Oran - A la une

«La contestation pacifique doit être portée par tous»



«Vous les silencieux, vous êtes tous concernés», c'est avec ces paroles scandées hier lors de la 11e marche du mouvement populaire pacifique, que les marcheurs ont voulu s'adresser à tous ceux et celles qui ne prennent pas part à ces manifestations et restent à l'écart à les observer chaque vendredi, estimant que la contestation pacifique devrait être soutenue par tous les Algériens.A présent, les marches du vendredi sont davantage concentrées sur des tentatives d'unité des slogans et des différentes mouvances politiques présentes dans les marches.
Vaine tentative de marcher tous ensemble par des appels «non à la division, l'Algérie est une et indivisible», ou encore «nous sommes tous pour une Algérie libre, soyons unis».
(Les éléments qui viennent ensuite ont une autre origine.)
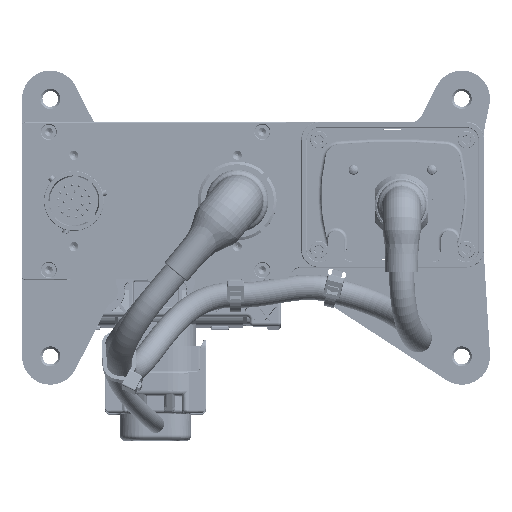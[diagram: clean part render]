
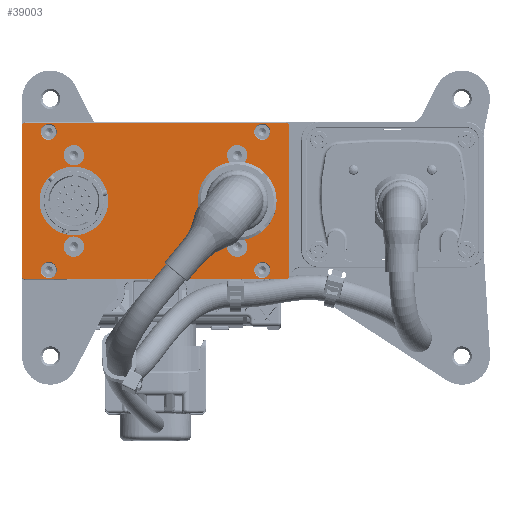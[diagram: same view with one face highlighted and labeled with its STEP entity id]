
A CAD part, left-side view. The second image highlights one B-rep face of the part: STEP entity #39003.
In plain terms, the highlighted planar face has unit normal (-1, 0, 0).
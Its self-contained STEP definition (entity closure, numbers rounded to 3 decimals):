
#39003=ADVANCED_FACE('',(#46584,#46585,#46586,#46587,#46588,#46589,#46590,
#46591,#46592,#46593,#46594),#44515,.T.);
#44515=PLANE('',#122402);
#46584=FACE_BOUND('',#47771,.T.);
#46585=FACE_BOUND('',#47772,.T.);
#46586=FACE_BOUND('',#47773,.T.);
#46587=FACE_BOUND('',#47774,.T.);
#46588=FACE_BOUND('',#47775,.T.);
#46589=FACE_BOUND('',#47776,.T.);
#46590=FACE_BOUND('',#47777,.T.);
#46591=FACE_BOUND('',#47778,.T.);
#46592=FACE_BOUND('',#47779,.T.);
#46593=FACE_BOUND('',#47780,.T.);
#46594=FACE_BOUND('',#47781,.T.);
#47771=EDGE_LOOP('',(#68322));
#47772=EDGE_LOOP('',(#68323));
#47773=EDGE_LOOP('',(#68324));
#47774=EDGE_LOOP('',(#68325));
#47775=EDGE_LOOP('',(#68326,#68327,#68328,#68329,#68330,#68331,#68332,#68333));
#47776=EDGE_LOOP('',(#68334));
#47777=EDGE_LOOP('',(#68335));
#47778=EDGE_LOOP('',(#68336));
#47779=EDGE_LOOP('',(#68337));
#47780=EDGE_LOOP('',(#68338));
#47781=EDGE_LOOP('',(#68339));
#53937=LINE('',#164937,#60710);
#53938=LINE('',#164942,#60711);
#53939=LINE('',#164946,#60712);
#53940=LINE('',#164950,#60713);
#60710=VECTOR('',#132738,1.);
#60711=VECTOR('',#132741,1.);
#60712=VECTOR('',#132744,1.);
#60713=VECTOR('',#132747,1.);
#68322=ORIENTED_EDGE('',*,*,#104569,.F.);
#68323=ORIENTED_EDGE('',*,*,#104568,.F.);
#68324=ORIENTED_EDGE('',*,*,#104567,.F.);
#68325=ORIENTED_EDGE('',*,*,#104566,.F.);
#68326=ORIENTED_EDGE('',*,*,#104575,.T.);
#68327=ORIENTED_EDGE('',*,*,#104576,.T.);
#68328=ORIENTED_EDGE('',*,*,#104577,.T.);
#68329=ORIENTED_EDGE('',*,*,#104578,.T.);
#68330=ORIENTED_EDGE('',*,*,#104579,.T.);
#68331=ORIENTED_EDGE('',*,*,#104580,.T.);
#68332=ORIENTED_EDGE('',*,*,#104581,.T.);
#68333=ORIENTED_EDGE('',*,*,#104582,.T.);
#68334=ORIENTED_EDGE('',*,*,#104565,.T.);
#68335=ORIENTED_EDGE('',*,*,#104564,.T.);
#68336=ORIENTED_EDGE('',*,*,#104563,.T.);
#68337=ORIENTED_EDGE('',*,*,#104562,.T.);
#68338=ORIENTED_EDGE('',*,*,#104561,.F.);
#68339=ORIENTED_EDGE('',*,*,#104560,.T.);
#95706=VERTEX_POINT('',#164895);
#95707=VERTEX_POINT('',#164898);
#95708=VERTEX_POINT('',#164901);
#95709=VERTEX_POINT('',#164904);
#95710=VERTEX_POINT('',#164907);
#95711=VERTEX_POINT('',#164910);
#95712=VERTEX_POINT('',#164913);
#95713=VERTEX_POINT('',#164916);
#95714=VERTEX_POINT('',#164919);
#95715=VERTEX_POINT('',#164922);
#95721=VERTEX_POINT('',#164938);
#95722=VERTEX_POINT('',#164939);
#95723=VERTEX_POINT('',#164941);
#95724=VERTEX_POINT('',#164943);
#95725=VERTEX_POINT('',#164945);
#95726=VERTEX_POINT('',#164947);
#95727=VERTEX_POINT('',#164949);
#95728=VERTEX_POINT('',#164951);
#104560=EDGE_CURVE('',#95706,#95706,#118133,.T.);
#104561=EDGE_CURVE('',#95707,#95707,#118134,.T.);
#104562=EDGE_CURVE('',#95708,#95708,#118135,.T.);
#104563=EDGE_CURVE('',#95709,#95709,#118136,.T.);
#104564=EDGE_CURVE('',#95710,#95710,#118137,.T.);
#104565=EDGE_CURVE('',#95711,#95711,#118138,.T.);
#104566=EDGE_CURVE('',#95712,#95712,#118139,.T.);
#104567=EDGE_CURVE('',#95713,#95713,#118140,.T.);
#104568=EDGE_CURVE('',#95714,#95714,#118141,.T.);
#104569=EDGE_CURVE('',#95715,#95715,#118142,.T.);
#104575=EDGE_CURVE('',#95721,#95722,#53937,.T.);
#104576=EDGE_CURVE('',#95722,#95723,#118145,.T.);
#104577=EDGE_CURVE('',#95723,#95724,#53938,.T.);
#104578=EDGE_CURVE('',#95724,#95725,#118146,.T.);
#104579=EDGE_CURVE('',#95725,#95726,#53939,.T.);
#104580=EDGE_CURVE('',#95726,#95727,#118147,.T.);
#104581=EDGE_CURVE('',#95727,#95728,#53940,.T.);
#104582=EDGE_CURVE('',#95728,#95721,#118148,.T.);
#118133=CIRCLE('',#122373,10.95);
#118134=CIRCLE('',#122375,10.95);
#118135=CIRCLE('',#122377,2.567);
#118136=CIRCLE('',#122379,2.567);
#118137=CIRCLE('',#122381,2.567);
#118138=CIRCLE('',#122383,2.567);
#118139=CIRCLE('',#122385,3.236);
#118140=CIRCLE('',#122387,3.236);
#118141=CIRCLE('',#122389,3.236);
#118142=CIRCLE('',#122391,3.236);
#118145=CIRCLE('',#122398,0.95);
#118146=CIRCLE('',#122399,0.95);
#118147=CIRCLE('',#122400,0.95);
#118148=CIRCLE('',#122401,0.95);
#122373=AXIS2_PLACEMENT_3D('',#164894,#132685,#132686);
#122375=AXIS2_PLACEMENT_3D('',#164897,#132689,#132690);
#122377=AXIS2_PLACEMENT_3D('',#164900,#132693,#132694);
#122379=AXIS2_PLACEMENT_3D('',#164903,#132697,#132698);
#122381=AXIS2_PLACEMENT_3D('',#164906,#132701,#132702);
#122383=AXIS2_PLACEMENT_3D('',#164909,#132705,#132706);
#122385=AXIS2_PLACEMENT_3D('',#164912,#132709,#132710);
#122387=AXIS2_PLACEMENT_3D('',#164915,#132713,#132714);
#122389=AXIS2_PLACEMENT_3D('',#164918,#132717,#132718);
#122391=AXIS2_PLACEMENT_3D('',#164921,#132721,#132722);
#122398=AXIS2_PLACEMENT_3D('',#164940,#132739,#132740);
#122399=AXIS2_PLACEMENT_3D('',#164944,#132742,#132743);
#122400=AXIS2_PLACEMENT_3D('',#164948,#132745,#132746);
#122401=AXIS2_PLACEMENT_3D('',#164952,#132748,#132749);
#122402=AXIS2_PLACEMENT_3D('',#164953,#132750,#132751);
#132685=DIRECTION('',(1.,0.,0.));
#132686=DIRECTION('',(0.,1.,0.));
#132689=DIRECTION('',(-1.,0.,0.));
#132690=DIRECTION('',(0.,-1.,0.));
#132693=DIRECTION('',(1.,0.,0.));
#132694=DIRECTION('',(0.,0.,1.));
#132697=DIRECTION('',(1.,0.,0.));
#132698=DIRECTION('',(0.,0.,1.));
#132701=DIRECTION('',(1.,0.,0.));
#132702=DIRECTION('',(0.,0.,1.));
#132705=DIRECTION('',(1.,0.,0.));
#132706=DIRECTION('',(0.,0.,1.));
#132709=DIRECTION('',(-1.,0.,0.));
#132710=DIRECTION('',(0.,0.,1.));
#132713=DIRECTION('',(-1.,0.,0.));
#132714=DIRECTION('',(0.,0.,1.));
#132717=DIRECTION('',(-1.,0.,0.));
#132718=DIRECTION('',(0.,0.,1.));
#132721=DIRECTION('',(-1.,0.,0.));
#132722=DIRECTION('',(0.,0.,1.));
#132738=DIRECTION('',(0.,0.,1.));
#132739=DIRECTION('',(-1.,0.,0.));
#132740=DIRECTION('',(0.,0.,1.));
#132741=DIRECTION('',(0.,1.,0.));
#132742=DIRECTION('',(-1.,0.,0.));
#132743=DIRECTION('',(0.,0.,1.));
#132744=DIRECTION('',(0.,0.,-1.));
#132745=DIRECTION('',(-1.,0.,0.));
#132746=DIRECTION('',(0.,0.,1.));
#132747=DIRECTION('',(0.,-1.,0.));
#132748=DIRECTION('',(-1.,0.,0.));
#132749=DIRECTION('',(0.,0.,1.));
#132750=DIRECTION('',(-1.,0.,0.));
#132751=DIRECTION('',(0.,-1.,0.));
#164894=CARTESIAN_POINT('',(-32.,58.,8.5));
#164895=CARTESIAN_POINT('',(-32.,68.95,8.5));
#164897=CARTESIAN_POINT('',(-32.,6.,8.5));
#164898=CARTESIAN_POINT('',(-32.,-4.95,8.5));
#164900=CARTESIAN_POINT('',(-32.,66.,30.5));
#164901=CARTESIAN_POINT('',(-32.,66.,33.067));
#164903=CARTESIAN_POINT('',(-32.,66.,-13.5));
#164904=CARTESIAN_POINT('',(-32.,66.,-10.933));
#164906=CARTESIAN_POINT('',(-32.,-2.,30.5));
#164907=CARTESIAN_POINT('',(-32.,-2.,33.067));
#164909=CARTESIAN_POINT('',(-32.,-2.,-13.5));
#164910=CARTESIAN_POINT('',(-32.,-2.,-10.933));
#164912=CARTESIAN_POINT('',(-32.,6.,-6.05));
#164913=CARTESIAN_POINT('',(-32.,6.,-2.814));
#164915=CARTESIAN_POINT('',(-32.,6.,23.05));
#164916=CARTESIAN_POINT('',(-32.,6.,26.286));
#164918=CARTESIAN_POINT('',(-32.,58.,23.05));
#164919=CARTESIAN_POINT('',(-32.,58.,26.286));
#164921=CARTESIAN_POINT('',(-32.,58.,-6.05));
#164922=CARTESIAN_POINT('',(-32.,58.,-2.814));
#164937=CARTESIAN_POINT('',(-32.,-10.45,30.5));
#164938=CARTESIAN_POINT('',(-32.,-10.45,-15.5));
#164939=CARTESIAN_POINT('',(-32.,-10.45,32.5));
#164940=CARTESIAN_POINT('',(-32.,-9.5,32.5));
#164941=CARTESIAN_POINT('',(-32.,-9.5,33.45));
#164942=CARTESIAN_POINT('',(-32.,-2.,33.45));
#164943=CARTESIAN_POINT('',(-32.,73.5,33.45));
#164944=CARTESIAN_POINT('',(-32.,73.5,32.5));
#164945=CARTESIAN_POINT('',(-32.,74.45,32.5));
#164946=CARTESIAN_POINT('',(-32.,74.45,30.5));
#164947=CARTESIAN_POINT('',(-32.,74.45,-15.5));
#164948=CARTESIAN_POINT('',(-32.,73.5,-15.5));
#164949=CARTESIAN_POINT('',(-32.,73.5,-16.45));
#164950=CARTESIAN_POINT('',(-32.,-2.,-16.45));
#164951=CARTESIAN_POINT('',(-32.,-9.5,-16.45));
#164952=CARTESIAN_POINT('',(-32.,-9.5,-15.5));
#164953=CARTESIAN_POINT('',(-32.,-2.,30.5));

Sur le terrain, c'est chacun pour soi même si cela se passe en carrés où se regroupent des dizaines de manifestants. Il y a ceux qui refusent de s'identifier aux islamistes, et ces derniers ne semblent pas être contre un «mélange» à condition qu'il y ait le respect pour «une Algérie d'Ibn Badis et novembriste» sans pour autant rajouter «islamiste». D'autres s'estiment «intellectuels» et visent des revendications qui ne concernent pas le politique seulement mais toutes les libertés individuelles? et il y a aussi les étudiants et les syndicalistes. Autant d'idées toutes aussi légitimes les unes que les autres mais portées par différentes mouvances. Ce qui donne aux marches à Oran un caractère assez particulier donnant l'impression d'avoir plusieurs marches pour une seule.
Le regroupement habituel au niveau de la place d'Armes est toujours maintenu, d'où est donné à chaque fois le top départ des marches qui sillonnent le centre-ville, même si de plus en plus ils sont nombreux à préférer se regrouper ailleurs. Toutefois, hier, des individus portant des brassards rouges et qui justifient cela ainsi «nous portons ces brassards pour organiser les marches et par exemple bannir les tambours et autres instruments sonores qui gênent les marches». Parmi eux, certains incitaient les marcheurs à se rendre au niveau du pont Zabana «pour la symbolique du nom et pour changer du centre-ville», justifiaient-ils.
Les slogans d'hier étaient presque tous semblables à l'exception de ceux concernant Gaïd Salah où là les manifestants restaient divisés. Si certains ne l'évoquent tout simplement pas en appelant «à l'unité entre le peuple et son armée», d'autres plus tranchés sur la question diront «L'armée est celle du peuple et Gaïd est le vôtre (en référence au système)».
Hier, des débats ont eu lieu en marge de la marche, non seulement concernant l'évolution de la situation dans le pays avec notamment l'interrogation «pourquoi Ouyahia et Saïd Bouteflika ne sont pas inquiétés par la justice ' Que se passe-t-il réellement durant ces auditions '».
Des questionnements ont également été posés concernant le timing des prochaines marches de vendredi étant donné que la 12e marche aura lieu durant le mois de Ramadhan. «Doit-on marcher comme d'habitude après la prière du dohr ' Ou bien après le f'tor ' Ou alors faire les deux chacun selon ses moyens physiques et possibilités ' La question n'a pas encore été tranchée.